* ASSIGNMENT *
Each record needs to be transcribed word for word, though without its pictures.

* MATERIALS PROVIDED *
-- Opening Marker --

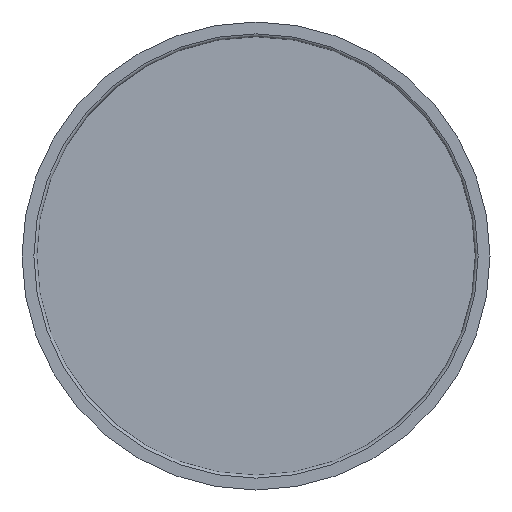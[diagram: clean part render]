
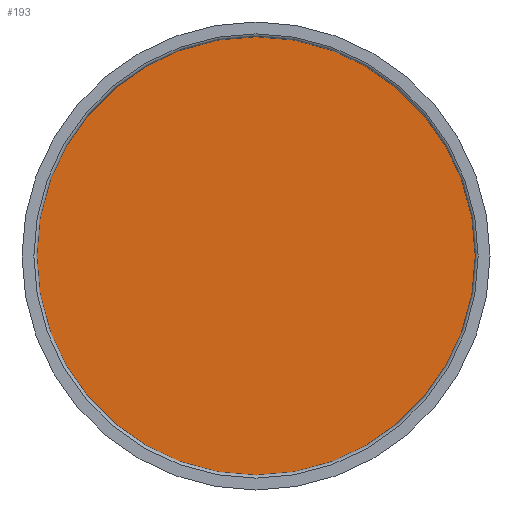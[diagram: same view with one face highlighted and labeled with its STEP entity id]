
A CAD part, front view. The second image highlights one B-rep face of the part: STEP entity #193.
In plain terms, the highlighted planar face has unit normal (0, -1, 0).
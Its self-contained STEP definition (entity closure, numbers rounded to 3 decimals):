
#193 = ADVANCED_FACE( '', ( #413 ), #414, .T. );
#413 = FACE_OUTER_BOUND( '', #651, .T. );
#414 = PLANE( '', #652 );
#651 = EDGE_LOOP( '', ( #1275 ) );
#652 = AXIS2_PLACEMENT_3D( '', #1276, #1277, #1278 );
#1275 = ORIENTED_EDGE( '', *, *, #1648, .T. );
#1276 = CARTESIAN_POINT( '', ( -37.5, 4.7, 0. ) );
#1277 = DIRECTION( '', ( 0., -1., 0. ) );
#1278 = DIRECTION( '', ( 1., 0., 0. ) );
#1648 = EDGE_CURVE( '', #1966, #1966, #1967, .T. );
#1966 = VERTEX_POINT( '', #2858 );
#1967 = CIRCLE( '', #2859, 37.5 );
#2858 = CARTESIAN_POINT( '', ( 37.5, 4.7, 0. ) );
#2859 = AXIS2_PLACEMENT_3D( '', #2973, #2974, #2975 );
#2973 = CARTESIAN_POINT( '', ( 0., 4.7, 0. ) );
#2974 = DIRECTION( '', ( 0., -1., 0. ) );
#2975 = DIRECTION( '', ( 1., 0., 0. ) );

-- Closing Marker --

* EXERCISE ANSWER *
[diagram: clean part render]
[diagram: same view with one face highlighted and labeled with its STEP entity id]
A CAD part, front view. The second image highlights one B-rep face of the part: STEP entity #193.
In plain terms, the highlighted planar face has unit normal (0, -1, 0).
Its self-contained STEP definition (entity closure, numbers rounded to 3 decimals):
#193 = ADVANCED_FACE( '', ( #413 ), #414, .T. );
#413 = FACE_OUTER_BOUND( '', #651, .T. );
#414 = PLANE( '', #652 );
#651 = EDGE_LOOP( '', ( #1275 ) );
#652 = AXIS2_PLACEMENT_3D( '', #1276, #1277, #1278 );
#1275 = ORIENTED_EDGE( '', *, *, #1648, .T. );
#1276 = CARTESIAN_POINT( '', ( -37.5, 4.7, 0. ) );
#1277 = DIRECTION( '', ( 0., -1., 0. ) );
#1278 = DIRECTION( '', ( 1., 0., 0. ) );
#1648 = EDGE_CURVE( '', #1966, #1966, #1967, .T. );
#1966 = VERTEX_POINT( '', #2858 );
#1967 = CIRCLE( '', #2859, 37.5 );
#2858 = CARTESIAN_POINT( '', ( 37.5, 4.7, 0. ) );
#2859 = AXIS2_PLACEMENT_3D( '', #2973, #2974, #2975 );
#2973 = CARTESIAN_POINT( '', ( 0., 4.7, 0. ) );
#2974 = DIRECTION( '', ( 0., -1., 0. ) );
#2975 = DIRECTION( '', ( 1., 0., 0. ) );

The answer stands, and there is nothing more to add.